* _Work required_
Report each line of the records below that uses the word "save".
--- START ---
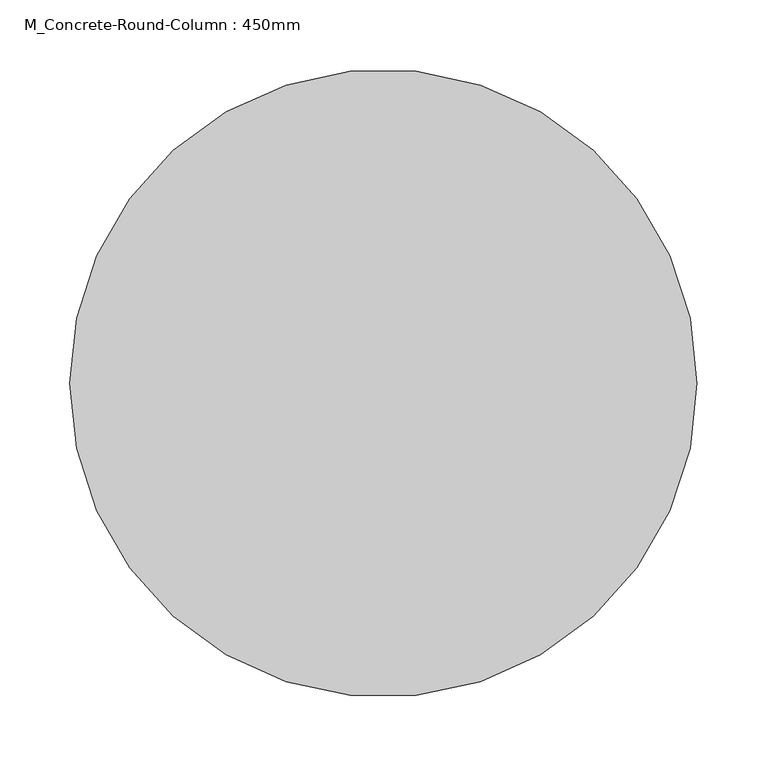
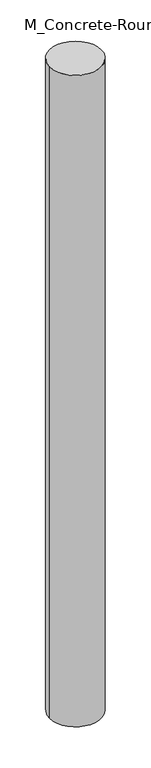
"""IFC4 building model written with IfcOpenShell, lengths in millimetres: column geometry, M_Concrete-Round-Column : 450mm."""

from ifc_helpers import new_model, si_unit, point, origin, origin_with_axes, origin_2d, place, context, project, spatial, circle_curve, trimmed, segment, composite_curve, outline, extrude, source, transform, mapped, element, save


def m_concrete_round_column_450mm_c6b5f3c9(model_context):
    return source(origin(), model_context, "Body", "SweptSolid", [
        extrude(outline(composite_curve([segment(trimmed(circle_curve(origin_2d(), 225.0), [point((-225.0, 0.0))], [point((225.0, 0.0))], False, "CARTESIAN"), True, "CONTINUOUS"), segment(trimmed(circle_curve(origin_2d(), 225.0), [point((225.0, 0.0))], [point((-225.0, 0.0))], False, "CARTESIAN"), True, "CONTINUOUS")], self_intersect=False)), origin_with_axes(), (0.0, 0.0, 1.0), 6000.0),
    ])


if __name__ == "__main__":
    model = new_model("IFC4")
    model_context = context("Model", 3, world=origin())
    ifc_project = project(units=[si_unit("LENGTHUNIT", "METRE", prefix="MILLI")], contexts=[model_context])
    site = spatial("IfcSite", under=ifc_project)
    building = spatial("IfcBuilding", under=site)
    placement = place(None, origin())
    m_concrete_round_column_450mm_shape = m_concrete_round_column_450mm_c6b5f3c9(model_context)
    element("IfcColumn", 1, ObjectType="M_Concrete-Round-Column : 450mm", at=placement, inside=building, context=model_context, shape_type="MappedRepresentation", body=[
        mapped(m_concrete_round_column_450mm_shape, transform((0.0, 0.0, 0.0), x_axis=(1.0, 0.0, 0.0), y_axis=(0.0, 1.0, 0.0), z_axis=(0.0, 0.0, 1.0))),
    ])
    save(model, "model.ifc")

# Revit data of these elements
# Type "M_Concrete-Round-Column : 450mm"
#   b = 0.45 m
#   Structural Material [instance default] = Concrete, Cast-in-Place gray
# Element 1 (IfcColumn, "M_Concrete-Round-Column : 450mm")
#   Materials on its faces: "Concrete, Cast-in-Place gray"
# Materials
#   "Concrete, Cast-in-Place gray": class "Concrete", colour RGB 192 192 192, transparency 0, Description = "Cast-in-place concrete", Cost = 0
--- END ---
* _Output of the exercise_
from ifc_helpers import new_model, si_unit, point, origin, origin_with_axes, origin_2d, place, context, project, spatial, circle_curve, trimmed, segment, composite_curve, outline, extrude, source, transform, mapped, element, save
    save(model, "model.ifc")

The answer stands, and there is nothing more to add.